To evaluate function of the regenerated T cells, we are going to use PDX (patient-derived xenograft) model, in which tumor tissue collected from a patient is transplanted in immunodeficient mouse. One point here is that the universal T cells are expected to work in the presence of white blood cells of the patient. Therefore, we plan to establish PDX model in which peripheral blood mononuclear cells from the same patient are also transfused. This project will be conducted mainly by Kyoto University, in collaboration with Osaka University, Shiga University of Medical Science, and Riken IMS (Figure 5).

Figure 1 Figure 1: The goal of the present project
We firstly produce universal pluripotent stem cells (ES cells or iPS cells). Then, T cells that can attack cancer cells are mass-produced from such ES/iPS cells. Such T cells will be frozen and banked as “off-the-shelf T cells”. When needed, T cells will be thawed and intravenously transfused to a cancer patient. The transfused T cells will attack cancer cells while immune cells of the patient will not attack them.
Figure 2 Figure 2: Regeneration of killer T cells specific for tumor antigen
Mart1 antigen-specific killer T cells derived from a melanoma patient were reprogrammed into iPS cells (Cell Stem Cell, 12: 31, 2013). Killer T cells regenerated from such iPS cells were found to express the same T cell receptor as the original T cells.
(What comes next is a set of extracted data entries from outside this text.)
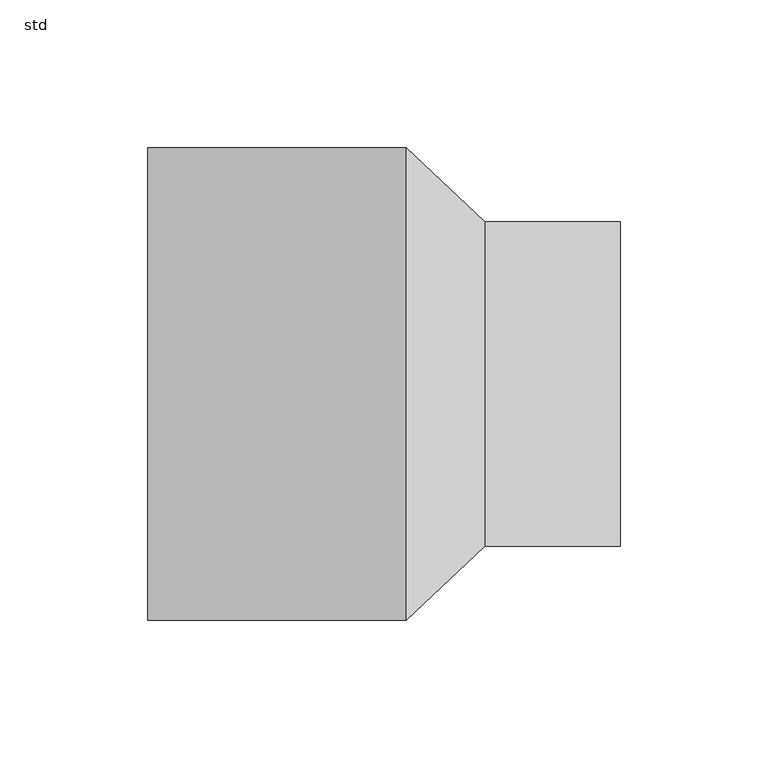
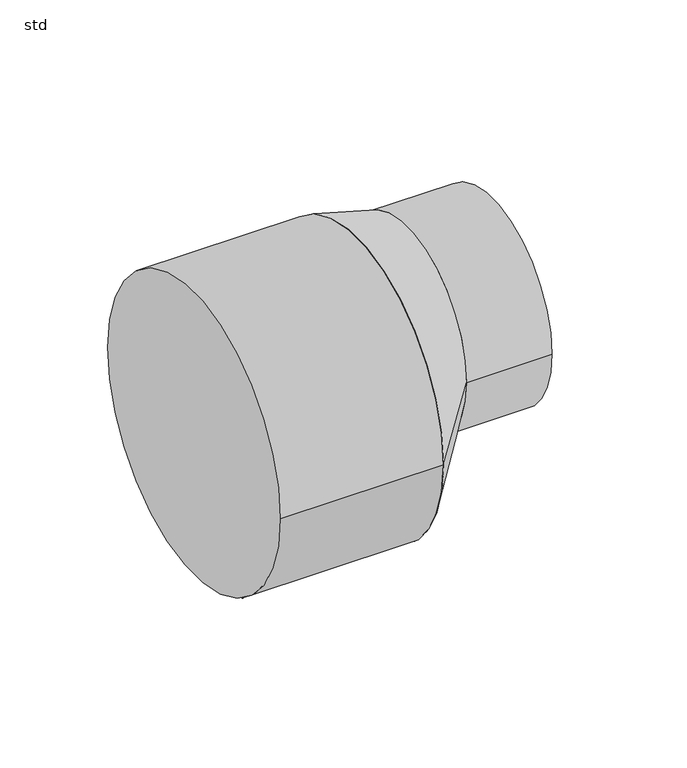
"""IFC4 building model written with IfcOpenShell, lengths in millimetres: pipe fitting geometry, ZZZ_do not use_PIF_ST_UN_ACO pipe increaser coupling_ACO : std."""

from ifc_helpers import new_model, si_unit, point, frame, frame_2d, origin, origin_2d, place, context, project, spatial, circle_curve, trimmed, segment, composite_curve, outline, extrude, source, transform, mapped, element, save
from ifc_brep_helpers import plane_surface, spline_surface, advanced_brep


def std_53fa1e38(model_context):
    return source(origin(), model_context, "Body", "SolidModel", [
        advanced_brep(
        [(34.1666667, -55.0, 22.0), (34.1666667, 55.0, 22.0), (7.5, -80.0, 0.0), (7.5, 80.0, 0.0)],
        [
            (0, 1, circle_curve(frame((34.1666667, 0.0, 22.0), z_axis=(1.0, 0.0, 0.0), x_axis=(0.0, 1.0, 0.0)), 55.0)),
            (1, 0, circle_curve(frame((34.1666667, 0.0, 22.0), z_axis=(1.0, 0.0, 0.0), x_axis=(0.0, 1.0, 0.0)), 55.0)),
            (2, 3, circle_curve(frame((7.5, 0.0, 0.0), z_axis=(-1.0, 0.0, 0.0), x_axis=(0.0, 1.0, 0.0)), 80.0)),
            (3, 2, circle_curve(frame((7.5, 0.0, 0.0), z_axis=(-1.0, 0.0, 0.0), x_axis=(0.0, 1.0, 0.0)), 80.0)),
            (3, 1),
            (0, 2),
        ],
        [
            plane_surface(frame((34.1666667, 0.0, 22.0), z_axis=(1.0, 0.0, 0.0), x_axis=(0.0, 0.0, -1.0))),
            plane_surface(frame((7.5, 0.0, 0.0), z_axis=(-1.0, 0.0, 0.0), x_axis=(0.0, 0.0, -1.0))),
            spline_surface(2, 1, [[(7.5, -80.0, 0.0), (34.1666667, -55.0, 22.0)], [(7.5, -80.0, -80.0), (34.1666667, -55.0, -33.0)], [(7.5, 0.0, -80.0), (34.1666667, 0.0, -33.0)], [(7.5, 80.0, -80.0), (34.1666667, 55.0, -33.0)], [(7.5, 80.0, 0.0), (34.1666667, 55.0, 22.0)]], [3, 2, 3], [2, 2], [0.0, 1.0, 2.0], [0.0, 1.0], weights=[[1.0, 1.0], [0.7071067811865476, 0.7071067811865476], [1.0, 1.0], [0.7071067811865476, 0.7071067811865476], [1.0, 1.0]]),
            spline_surface(2, 1, [[(7.5, 80.0, 0.0), (34.1666667, 55.0, 22.0)], [(7.5, 80.0, 80.0), (34.1666667, 55.0, 77.0)], [(7.5, 0.0, 80.0), (34.1666667, 0.0, 77.0)], [(7.5, -80.0, 80.0), (34.1666667, -55.0, 77.0)], [(7.5, -80.0, 0.0), (34.1666667, -55.0, 22.0)]], [3, 2, 3], [2, 2], [0.0, 1.0, 2.0], [0.0, 1.0], weights=[[1.0, 1.0], [0.7071067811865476, 0.7071067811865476], [1.0, 1.0], [0.7071067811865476, 0.7071067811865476], [1.0, 1.0]]),
        ],
        [
            (0, [[1, 2]]),
            (1, [[3, 4]]),
            (2, [[-4, 5, -1, 6]]),
            (3, [[-3, -6, -2, -5]]),
        ],
    ),
        extrude(outline(composite_curve([segment(trimmed(circle_curve(frame_2d((0.0, 22.0)), 55.0), [point((55.0, 22.0))], [point((-55.0, 22.0))], False, "CARTESIAN"), True, "CONTINUOUS"), segment(trimmed(circle_curve(frame_2d((0.0, 22.0)), 55.0), [point((-55.0, 22.0))], [point((55.0, 22.0))], False, "CARTESIAN"), True, "CONTINUOUS")], self_intersect=False)), frame((34.1666667, 0.0, 0.0), z_axis=(1.0, 0.0, 0.0), x_axis=(0.0, 1.0, 0.0)), (0.0, 0.0, 1.0), 45.8333333),
        extrude(outline(composite_curve([segment(trimmed(circle_curve(origin_2d(), 80.0), [point((-80.0, 0.0))], [point((80.0, 0.0))], False, "CARTESIAN"), True, "CONTINUOUS"), segment(trimmed(circle_curve(origin_2d(), 80.0), [point((80.0, 0.0))], [point((-80.0, 0.0))], False, "CARTESIAN"), True, "CONTINUOUS")], self_intersect=False)), frame((-80.0, 0.0, 0.0), z_axis=(1.0, 0.0, 0.0), x_axis=(0.0, 1.0, 0.0)), (0.0, 0.0, 1.0), 87.5),
    ])


if __name__ == "__main__":
    model = new_model("IFC4")
    model_context = context("Model", 3, world=origin())
    ifc_project = project(units=[si_unit("LENGTHUNIT", "METRE", prefix="MILLI")], contexts=[model_context])
    site = spatial("IfcSite", under=ifc_project)
    building = spatial("IfcBuilding", under=site)
    placement = place(None, origin())
    std_shape = std_53fa1e38(model_context)
    element("IfcPipeFitting", 1, ObjectType="ZZZ_do not use_PIF_ST_UN_ACO pipe increaser coupling_ACO : std", at=placement, inside=building, context=model_context, shape_type="MappedRepresentation", body=[
        mapped(std_shape, transform((0.0, 0.0, 0.0), x_axis=(1.0, 0.0, 0.0), y_axis=(0.0, 1.0, 0.0), z_axis=(0.0, 0.0, 1.0))),
    ])
    save(model, "model.ifc")

Figure 3 Figure 3: TCR-iPSC method
T cells are produced from iPS cells that have been transduced with exogenous TCR gene. Merits of this method are: 1) possible to use high quality iPS cells provided by Center for iPS cell Research and Application (Kyoto University), 2) possible to use TCR gene efficacy and safety of which have been clinically tested.
Figure 4 Figure 4: TCR cassette method
A cassette deck structure is knocked-in into genome of ES/iPS cells. TCR gene is inserted into the cassette deck site as a cassette tape using the RMCE(recombinase mediated cassette exchange)method.
Figure 5 Figure 5: Framework of the project
Hiroshi Kawamoto (Kyoto University) leads the project in collaboration with other members in Kyoto University consisting of Masahiro Inoue, Toshio Kitawaki, Masaki Mandai, and Junzo Hamanishi, and with members of other organizations consisting of Hisashi Arase (Osaka University), Yasutoshi Agata (Shiga University of Medical Science) and Ichiro Taniuchi (Riken IMS).